[Given data Boundary: Start]

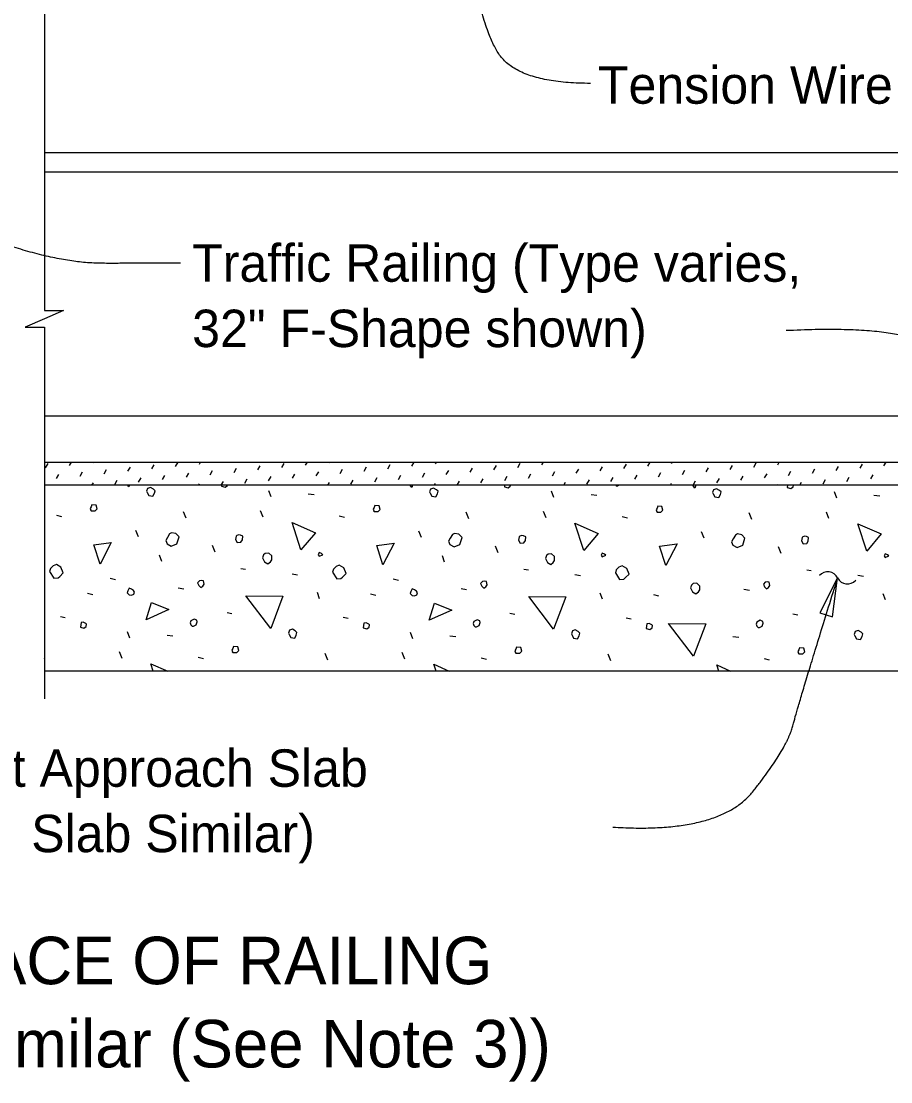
# Model space of a CAD drawing. Extents: x 0 to 41.1, y 0 to 25.9.
# Drawn here: x 16.13 to 20.81, y 11.22 to 16.93 of the extents above; entities that cross this region are included whole.
import ezdxf

# ---------------------------------------------------------------- set-up
doc = ezdxf.new("R2010")
doc.units = 0
for name, color, linetype in [('Dimension', 7, 'Continuous'), ('Miscellaneous', 7, 'Continuous'), ('SupstrConc', 7, 'Continuous'), ('SupstrConc_h', 7, 'Continuous'), ('TextStructures', 7, 'Continuous')]:
    doc.layers.add(name, color=color, linetype=linetype)

msp = doc.modelspace()

# ---------------------------------------------------------------- linework, layer by layer
at = {"layer": 'Dimension'}
msp.add_lwpolyline([(16.252, 17.2246), (16.252, 15.3737), (16.3553, 15.3737), (16.252, 15.3287), (16.1487, 15.2837), (16.252, 15.2837), (16.252, 13.2829)], dxfattribs=at)
msp.add_lwpolyline([(20.5246, 13.9338), (20.4289, 13.7455), (20.4962, 13.7245)], close=True, dxfattribs=at)
for centre, start, end in [((20.4706, 13.907), 26.8413, 138.5686), ((20.577, 13.9608), 206.8413, 318.5686)]:
    msp.add_arc(centre, 0.0596, start, end, dxfattribs=at)
for points in [[(19.1927, 16.5972), (18.7949, 16.5972), (18.5909, 16.9342), (18.5297, 17.3911)], [(16.9853, 15.6282), (16.9154, 15.6282), (16.2159, 15.6282), (15.6583, 15.8852)], [(20.2473, 15.2675), (20.836, 15.2958), (21.1574, 15.0877), (21.234, 15.0765)], [(19.3131, 12.5922), (19.886, 12.5557), (20.2509, 13.0124), (20.3172, 13.2697), (20.5245, 13.9337)]]:
    msp.add_open_spline(points, degree=2, dxfattribs=at)
at = {"layer": 'Miscellaneous'}
for p, q in [((16.2587, 14.5271), (16.2717, 14.5495)), ((16.3872, 14.5401), (16.3975, 14.5578)), ((16.5157, 14.5531), (16.5184, 14.5578)), ((16.5734, 14.4953), (16.5864, 14.5177)), ((16.7019, 14.5083), (16.7148, 14.5307)), ((16.8303, 14.5212), (16.8433, 14.5436)), ((16.9588, 14.5342), (16.9717, 14.5566)), ((17.0872, 14.5472), (17.0934, 14.5578)), ((17.145, 14.4894), (17.1579, 14.5118)), ((17.2734, 14.5024), (17.2864, 14.5248)), ((17.4019, 14.5154), (17.4149, 14.5377)), ((17.5303, 14.5283), (17.5433, 14.5507)), ((17.6588, 14.5413), (17.6684, 14.5578)), ((17.7873, 14.5542), (17.7893, 14.5578)), ((17.845, 14.4965), (17.858, 14.5189)), ((17.9735, 14.5095), (17.9864, 14.5318)), ((18.1019, 14.5224), (18.1149, 14.5448)), ((18.2304, 14.5354), (18.2433, 14.5578)), ((18.3588, 14.5483), (18.3643, 14.5578)), ((18.4166, 14.4906), (18.4296, 14.513)), ((18.545, 14.5036), (18.558, 14.526)), ((18.6735, 14.5165), (18.6865, 14.5389)), ((18.802, 14.5295), (18.8149, 14.5519)), ((18.9304, 14.5425), (18.9393, 14.5578)), ((18.9882, 14.4847), (19.0011, 14.5071)), ((19.0589, 14.5554), (19.0603, 14.5578)), ((19.1166, 14.4977), (19.1296, 14.5201)), ((19.2451, 14.5106), (19.258, 14.533)), ((19.3735, 14.5236), (19.3865, 14.546)), ((19.502, 14.5366), (19.5143, 14.5578)), ((19.6305, 14.5495), (19.6353, 14.5578)), ((19.6882, 14.4918), (19.7012, 14.5142)), ((19.8167, 14.5047), (19.8296, 14.5271)), ((19.9451, 14.5177), (19.9581, 14.5401)), ((20.0736, 14.5307), (20.0865, 14.5531)), ((20.202, 14.5436), (20.2103, 14.5578)), ((20.2598, 14.4859), (20.2727, 14.5083)), ((20.3305, 14.5566), (20.3312, 14.5578)), ((20.3882, 14.4989), (20.4012, 14.5212)), ((20.5167, 14.5118), (20.5297, 14.5342)), ((20.6452, 14.5248), (20.6581, 14.5472)), ((20.7736, 14.5377), (20.7852, 14.5578)), ((16.3165, 14.4694), (16.3294, 14.4918)), ((16.4449, 14.4824), (16.4579, 14.5047)), ((16.6311, 14.4376), (16.6441, 14.46)), ((16.7596, 14.4505), (16.7726, 14.4729)), ((16.8881, 14.4635), (16.901, 14.4859)), ((17.0165, 14.4765), (17.0295, 14.4989)), ((17.2034, 14.4329), (17.2157, 14.4541)), ((17.3312, 14.4446), (17.3441, 14.467)), ((17.4596, 14.4576), (17.4726, 14.48)), ((17.5881, 14.4706), (17.6011, 14.493)), ((17.7166, 14.4835), (17.7295, 14.5059)), ((17.9028, 14.4387), (17.9157, 14.4611)), ((18.0312, 14.4517), (18.0442, 14.4741)), ((18.1597, 14.4647), (18.1726, 14.4871)), ((18.2881, 14.4776), (18.3011, 14.5)), ((18.4743, 14.4329), (18.4873, 14.4552)), ((18.6028, 14.4458), (18.6158, 14.4682)), ((18.7313, 14.4588), (18.7442, 14.4812)), ((18.8597, 14.4717), (18.8727, 14.4941)), ((19.0493, 14.4329), (19.0589, 14.4494)), ((19.1744, 14.4399), (19.1873, 14.4623)), ((19.3028, 14.4529), (19.3158, 14.4753)), ((19.4313, 14.4659), (19.4443, 14.4882)), ((19.5597, 14.4788), (19.5727, 14.5012)), ((19.746, 14.434), (19.7589, 14.4564)), ((19.8744, 14.447), (19.8874, 14.4694)), ((20.0029, 14.46), (20.0158, 14.4824)), ((20.1313, 14.4729), (20.1443, 14.4953)), ((20.3203, 14.4329), (20.3305, 14.4505)), ((20.446, 14.4411), (20.459, 14.4635)), ((20.5744, 14.4541), (20.5874, 14.4765)), ((20.7029, 14.467), (20.7159, 14.4894)), ((16.5075, 14.4329), (16.5157, 14.447)), ((17.0825, 14.4329), (17.0872, 14.4411)), ((17.4727, 14.3704), (17.4603, 14.404)), ((17.6574, 14.4329), (17.6588, 14.4352)), ((17.7784, 14.4329), (17.7873, 14.4482)), ((18.3534, 14.4329), (18.3588, 14.4423)), ((18.9965, 14.3669), (18.9841, 14.4005)), ((19.6243, 14.4329), (19.6305, 14.4435)), ((20.1993, 14.4329), (20.202, 14.4376)), ((20.5203, 14.3634), (20.508, 14.397)), ((17.6725, 14.3864), (17.7043, 14.3828)), ((19.1963, 14.3828), (19.2281, 14.3793)), ((20.7201, 14.3793), (20.7519, 14.3757)), ((17.0148, 14.2555), (17.0007, 14.2909)), ((17.4303, 14.2608), (17.4161, 14.2962)), ((18.5387, 14.252), (18.5245, 14.2874)), ((18.9541, 14.2573), (18.9399, 14.2927)), ((20.0625, 14.2485), (20.0483, 14.2838)), ((20.4779, 14.2538), (20.4638, 14.2891)), ((16.3166, 14.2715), (16.3449, 14.2644)), ((17.8404, 14.2679), (17.8687, 14.2608)), ((19.3642, 14.2644), (19.3925, 14.2573)), ((16.7585, 14.1548), (16.7444, 14.1901)), ((18.2823, 14.1512), (18.2682, 14.1866)), ((19.8062, 14.1477), (19.792, 14.1831)), ((17.1722, 14.0735), (17.158, 14.1088)), ((16.884, 14.0222), (16.8717, 14.0558)), ((18.4078, 14.0187), (18.3955, 14.0522)), ((18.696, 14.0699), (18.6819, 14.1053)), ((20.2198, 14.0664), (20.2057, 14.1017)), ((17.3101, 13.9851), (17.3348, 13.9815)), ((17.5858, 13.9568), (17.6159, 13.9515)), ((18.8339, 13.9815), (18.8586, 13.978)), ((19.1097, 13.9533), (19.1397, 13.948)), ((20.3577, 13.978), (20.3824, 13.9745)), ((20.6335, 13.9497), (20.6635, 13.9444)), ((16.6065, 13.932), (16.6348, 13.925)), ((16.9724, 13.8808), (17.0025, 13.8755)), ((18.1303, 13.9285), (18.1586, 13.9214)), ((16.4845, 13.8525), (16.5128, 13.8454)), ((17.7343, 13.8224), (17.722, 13.856)), ((18.0083, 13.849), (18.0366, 13.8419)), ((18.4962, 13.8772), (18.5263, 13.8719)), ((19.2581, 13.8189), (19.2458, 13.8525)), ((19.5321, 13.8454), (19.5604, 13.8383)), ((20.0201, 13.8737), (20.0501, 13.8684)), ((20.782, 13.8154), (20.7696, 13.849)), ((16.3378, 13.727), (16.3643, 13.7217)), ((17.2358, 13.7482), (17.2623, 13.7429)), ((17.8616, 13.7234), (17.8881, 13.7181)), ((18.7596, 13.7447), (18.7862, 13.7394)), ((19.3854, 13.7199), (19.4119, 13.7146)), ((20.2834, 13.7411), (20.31, 13.7358)), ((16.7126, 13.6103), (16.7002, 13.6439)), ((16.9123, 13.6262), (16.9441, 13.6227)), ((18.2364, 13.6068), (18.224, 13.6404)), ((18.4361, 13.6227), (18.468, 13.6191)), ((19.9599, 13.6191), (19.9918, 13.6156)), ((16.6701, 13.5007), (16.656, 13.5361)), ((16.2547, 13.4954), (16.252, 13.5023)), ((17.0803, 13.5078), (17.1085, 13.5007)), ((17.7785, 13.4919), (17.7644, 13.5272)), ((18.1939, 13.4972), (18.1798, 13.5325)), ((18.6041, 13.5042), (18.6324, 13.4972)), ((19.3023, 13.4883), (19.2882, 13.5237)), ((20.1279, 13.5007), (20.1562, 13.4936))]:
    msp.add_line(p, q, dxfattribs=at)
for points in [[(16.7073, 14.4252), (16.7015, 14.4329)], [(16.7101, 14.4329), (16.7073, 14.4252)], [(16.8063, 14.3934), (16.8151, 14.3775), (16.8363, 14.374), (16.8451, 14.3899), (16.8487, 14.404), (16.8398, 14.4129), (16.8239, 14.4217), (16.808, 14.4164), (16.8027, 14.4005), (16.8063, 14.3934)], [(17.2058, 14.4288), (17.2252, 14.4235), (17.2376, 14.4323), (17.2377, 14.4329)], [(17.2063, 14.4329), (17.2058, 14.4288)], [(18.2311, 14.4217), (18.2226, 14.4329)], [(18.2352, 14.4329), (18.2311, 14.4217)], [(18.3301, 14.3899), (18.3389, 14.374), (18.3601, 14.3704), (18.369, 14.3864), (18.3725, 14.4005), (18.3637, 14.4093), (18.3477, 14.4182), (18.3318, 14.4129), (18.3265, 14.397), (18.3301, 14.3899)], [(18.7296, 14.4252), (18.749, 14.4199), (18.7614, 14.4288), (18.762, 14.4329)], [(18.7307, 14.4329), (18.7296, 14.4252)], [(19.3301, 14.4329), (19.3324, 14.4306)], [(19.3324, 14.4306), (19.3395, 14.4306), (19.3441, 14.4329)], [(19.7549, 14.4182), (19.7437, 14.4329)], [(19.7604, 14.4329), (19.7549, 14.4182)], [(19.8539, 14.3864), (19.8627, 14.3704), (19.8839, 14.3669), (19.8928, 14.3828), (19.8963, 14.397), (19.8875, 14.4058), (19.8716, 14.4146), (19.8556, 14.4093), (19.8503, 14.3934), (19.8539, 14.3864)], [(20.2534, 14.4217), (20.2728, 14.4164), (20.2852, 14.4252), (20.2863, 14.4329)], [(20.255, 14.4329), (20.2534, 14.4217)], [(16.504, 14.2962), (16.5252, 14.2962), (16.5358, 14.3068), (16.5305, 14.3263), (16.5075, 14.328), (16.504, 14.3174), (16.4987, 14.3086), (16.504, 14.2962), (16.5004, 14.2997)], [(18.0278, 14.2927), (18.049, 14.2927), (18.0596, 14.3033), (18.0543, 14.3227), (18.0313, 14.3245), (18.0278, 14.3139), (18.0225, 14.305), (18.0278, 14.2927), (18.0242, 14.2962)], [(19.5516, 14.2891), (19.5728, 14.2891), (19.5834, 14.2997), (19.5781, 14.3192), (19.5551, 14.3209), (19.5516, 14.3103), (19.5463, 14.3015), (19.5516, 14.2891), (19.5481, 14.2927)], [(17.6336, 14.0858), (17.5858, 14.2326), (17.7113, 14.1778), (17.6336, 14.0858)], [(19.1574, 14.0823), (19.1097, 14.229), (19.2352, 14.1742), (19.1574, 14.0823)], [(20.6812, 14.0788), (20.6335, 14.2255), (20.759, 14.1707), (20.6812, 14.0788)], [(16.9123, 14.1177), (16.9353, 14.1053), (16.9654, 14.1177), (16.9777, 14.1548), (16.96, 14.1725), (16.9371, 14.1778), (16.9265, 14.1707), (16.9141, 14.1512), (16.9052, 14.1353), (16.9123, 14.1177)], [(17.2818, 14.1406), (17.2906, 14.1247), (17.3101, 14.1265), (17.3189, 14.1389), (17.3207, 14.1583), (17.3083, 14.1636), (17.2995, 14.1654), (17.2889, 14.1619), (17.2853, 14.1583), (17.2818, 14.1406)], [(18.4361, 14.1141), (18.4591, 14.1017), (18.4892, 14.1141), (18.5015, 14.1512), (18.4839, 14.1689), (18.4609, 14.1742), (18.4503, 14.1672), (18.4379, 14.1477), (18.4291, 14.1318), (18.4361, 14.1141)], [(19.9599, 14.1106), (19.9829, 14.0982), (20.013, 14.1106), (20.0254, 14.1477), (20.0077, 14.1654), (19.9847, 14.1707), (19.9741, 14.1636), (19.9617, 14.1442), (19.9529, 14.1283), (19.9599, 14.1106)], [(16.5517, 14.0081), (16.5181, 14.1124), (16.6118, 14.1247), (16.5517, 14.0081)], [(18.0755, 14.0045), (18.0419, 14.1088), (18.1356, 14.1212), (18.0755, 14.0045)], [(18.8056, 14.1371), (18.8144, 14.1212), (18.8339, 14.123), (18.8427, 14.1353), (18.8445, 14.1548), (18.8321, 14.1601), (18.8233, 14.1619), (18.8127, 14.1583), (18.8091, 14.1548), (18.8056, 14.1371)], [(19.5993, 14.001), (19.5657, 14.1053), (19.6594, 14.1177), (19.5993, 14.001)], [(20.3294, 14.1336), (20.3382, 14.1177), (20.3577, 14.1194), (20.3665, 14.1318), (20.3683, 14.1512), (20.3559, 14.1565), (20.3471, 14.1583), (20.3365, 14.1548), (20.3329, 14.1512), (20.3294, 14.1336)], [(17.4267, 14.0416), (17.4373, 14.0204), (17.455, 14.0098), (17.4692, 14.0204), (17.4762, 14.031), (17.4762, 14.0522), (17.4603, 14.0682), (17.4409, 14.0664), (17.432, 14.0576), (17.4267, 14.0416)], [(17.7326, 14.0505), (17.752, 14.0593), (17.7449, 14.0664), (17.7326, 14.0717), (17.7273, 14.0593), (17.7326, 14.0505)], [(18.9506, 14.0381), (18.9612, 14.0169), (18.9788, 14.0063), (18.993, 14.0169), (19.0001, 14.0275), (19.0001, 14.0487), (18.9841, 14.0646), (18.9647, 14.0629), (18.9559, 14.054), (18.9506, 14.0381)], [(19.2564, 14.0469), (19.2758, 14.0558), (19.2688, 14.0629), (19.2564, 14.0682), (19.2511, 14.0558), (19.2564, 14.0469)], [(20.7802, 14.0434), (20.7996, 14.0522), (20.7926, 14.0593), (20.7802, 14.0646), (20.7749, 14.0522), (20.7802, 14.0434)], [(16.2795, 13.9692), (16.3024, 13.932), (16.3254, 13.9338), (16.3343, 13.9426), (16.3537, 13.9621), (16.3413, 13.9921), (16.3166, 14.0063), (16.2989, 13.9992), (16.2848, 13.9851), (16.2795, 13.9692)], [(17.8033, 13.9656), (17.8263, 13.9285), (17.8492, 13.9303), (17.8581, 13.9391), (17.8775, 13.9586), (17.8651, 13.9886), (17.8404, 14.0028), (17.8227, 13.9957), (17.8086, 13.9815), (17.8033, 13.9656)], [(19.3271, 13.9621), (19.3501, 13.925), (19.373, 13.9267), (19.3819, 13.9356), (19.4013, 13.955), (19.389, 13.9851), (19.3642, 13.9992), (19.3465, 13.9921), (19.3324, 13.978), (19.3271, 13.9621)], [(16.709, 13.8437), (16.7214, 13.8419), (16.7338, 13.8472), (16.7373, 13.8578), (16.732, 13.8666), (16.7214, 13.8737), (16.709, 13.879), (16.702, 13.8649), (16.6984, 13.8543), (16.709, 13.8437)], [(17.0838, 13.8931), (17.0944, 13.8825), (17.105, 13.8896), (17.1121, 13.9002), (17.1085, 13.9179), (17.0997, 13.9197), (17.0873, 13.9179), (17.0767, 13.9073), (17.0838, 13.8931)], [(18.6076, 13.8896), (18.6182, 13.879), (18.6288, 13.8861), (18.6359, 13.8967), (18.6324, 13.9144), (18.6235, 13.9161), (18.6111, 13.9144), (18.6005, 13.9038), (18.6076, 13.8896)], [(19.7325, 13.8799), (19.7431, 13.8587), (19.7608, 13.8481), (19.7749, 13.8587), (19.782, 13.8693), (19.782, 13.8905), (19.7661, 13.9064), (19.7467, 13.9047), (19.7378, 13.8958), (19.7325, 13.8799)], [(20.1314, 13.8861), (20.142, 13.8755), (20.1526, 13.8825), (20.1597, 13.8931), (20.1562, 13.9108), (20.1473, 13.9126), (20.135, 13.9108), (20.1244, 13.9002), (20.1314, 13.8861)], [(17.4709, 13.6616), (17.3366, 13.8383), (17.5363, 13.8366), (17.4709, 13.6616)], [(18.2328, 13.8401), (18.2452, 13.8383), (18.2576, 13.8437), (18.2611, 13.8543), (18.2558, 13.8631), (18.2452, 13.8702), (18.2328, 13.8755), (18.2258, 13.8613), (18.2222, 13.8507), (18.2328, 13.8401)], [(18.9947, 13.658), (18.8604, 13.8348), (19.0602, 13.833), (18.9947, 13.658)], [(16.8009, 13.7093), (16.8292, 13.8012), (16.9229, 13.7641), (16.8009, 13.7093)], [(18.3248, 13.7058), (18.353, 13.7977), (18.4467, 13.7606), (18.3248, 13.7058)], [(17.0484, 13.6739), (17.0555, 13.6739), (17.0696, 13.681), (17.075, 13.6969), (17.0732, 13.7058), (17.059, 13.7128), (17.0414, 13.7022), (17.0378, 13.6916), (17.0414, 13.681), (17.0484, 13.6739)], [(18.5723, 13.6704), (18.5793, 13.6704), (18.5935, 13.6775), (18.5988, 13.6934), (18.597, 13.7022), (18.5829, 13.7093), (18.5652, 13.6987), (18.5616, 13.6881), (18.5652, 13.6775), (18.5723, 13.6704)], [(16.4456, 13.6686), (16.4651, 13.6633), (16.4774, 13.6722), (16.4792, 13.6846), (16.4757, 13.6881), (16.4615, 13.6952), (16.4492, 13.6934), (16.4474, 13.681), (16.4456, 13.6686)], [(17.5699, 13.6298), (17.5788, 13.6138), (17.6, 13.6103), (17.6088, 13.6262), (17.6124, 13.6404), (17.6035, 13.6492), (17.5876, 13.658), (17.5717, 13.6527), (17.5664, 13.6368), (17.5699, 13.6298)], [(17.9694, 13.6651), (17.9889, 13.6598), (18.0013, 13.6686), (18.003, 13.681), (17.9995, 13.6846), (17.9854, 13.6916), (17.973, 13.6899), (17.9712, 13.6775), (17.9694, 13.6651)], [(19.0937, 13.6262), (19.1026, 13.6103), (19.1238, 13.6068), (19.1326, 13.6227), (19.1362, 13.6368), (19.1273, 13.6457), (19.1114, 13.6545), (19.0955, 13.6492), (19.0902, 13.6333), (19.0937, 13.6262)], [(19.4933, 13.6616), (19.5127, 13.6563), (19.5251, 13.6651), (19.5268, 13.6775), (19.5233, 13.681), (19.5092, 13.6881), (19.4968, 13.6863), (19.495, 13.6739), (19.4933, 13.6616)], [(19.7486, 13.5127), (19.6143, 13.6895), (19.814, 13.6877), (19.7486, 13.5127)], [(20.0961, 13.6669), (20.1031, 13.6669), (20.1173, 13.6739), (20.1226, 13.6899), (20.1208, 13.6987), (20.1067, 13.7058), (20.089, 13.6952), (20.0855, 13.6846), (20.089, 13.6739), (20.0961, 13.6669)], [(20.6176, 13.6227), (20.6264, 13.6068), (20.6476, 13.6032), (20.6564, 13.6191), (20.66, 13.6333), (20.6511, 13.6421), (20.6352, 13.651), (20.6193, 13.6457), (20.614, 13.6298), (20.6176, 13.6227)], [(17.2676, 13.5325), (17.2889, 13.5325), (17.2995, 13.5431), (17.2942, 13.5626), (17.2712, 13.5643), (17.2676, 13.5537), (17.2623, 13.5449), (17.2676, 13.5325), (17.2641, 13.5361)], [(18.7915, 13.529), (18.8127, 13.529), (18.8233, 13.5396), (18.818, 13.559), (18.795, 13.5608), (18.7915, 13.5502), (18.7862, 13.5414), (18.7915, 13.529), (18.7879, 13.5325)], [(20.3153, 13.5255), (20.3365, 13.5255), (20.3471, 13.5361), (20.3418, 13.5555), (20.3188, 13.5573), (20.3153, 13.5467), (20.31, 13.5378), (20.3153, 13.5255), (20.3117, 13.529)], [(16.8386, 13.4328), (16.8257, 13.4724), (16.9163, 13.4328)], [(18.3612, 13.4329), (18.3495, 13.4689), (18.432, 13.4329)], [(19.8839, 13.4329), (19.8733, 13.4653), (19.9477, 13.4329)]]:
    msp.add_lwpolyline(points, dxfattribs=at)
at = {"layer": 'SupstrConc'}
for p, q in [((16.252, 16.2245), (23.5538, 16.2245)), ((16.252, 16.1203), (23.5538, 16.1203)), ((16.252, 14.5578), (23.5538, 14.5578)), ((21.5538, 14.4329), (16.252, 14.4329)), ((21.9365, 13.4328), (16.252, 13.4328))]:
    msp.add_line(p, q, dxfattribs=at)
at = {"layer": 'SupstrConc_h'}
msp.add_line((16.252, 14.8078), (23.5538, 14.8078), dxfattribs=at)

# ---------------------------------------------------------------- texts
at = {"layer": 'Dimension'}
for s, height, p in [('Traffic Railing (Type varies,', 0.2016, (17.0479, 15.5291)), ('32" F-Shape shown)', 0.2016, (17.0479, 15.1771)), ('Approach Slab (Flexible Pavement Approach Slab ', 0.2016, (11.9999, 12.8093)), ('Shown, Rigid Pavement Approach Slab Similar)', 0.2016, (11.9999, 12.4573)), ('ELEVATION OF OUTSIDE FACE OF RAILING', 0.256001, (11.5134, 11.7461)), ('(Traffic Railing Shown, Concrete Parapet Similar (See Note 3))', 0.256001, (9.4668, 11.2981))]:
    msp.add_text(s, height=height, dxfattribs=at).set_placement(p)
at = {"layer": 'TextStructures'}
msp.add_text('Tension Wire', height=0.2016, dxfattribs=at).set_placement((19.2335, 16.4877))

doc.saveas('drawing.dxf')

[Given data Boundary: End]

> _What needs to be done_
Take the line with "height=0.2016, dxfattribs=at).set_placement((19.2335, 16.4877))" and all lines after it through the end of the records, and write them out exactly; include nothing else.

> _Reply_
msp.add_text('Tension Wire', height=0.2016, dxfattribs=at).set_placement((19.2335, 16.4877))

doc.saveas('drawing.dxf')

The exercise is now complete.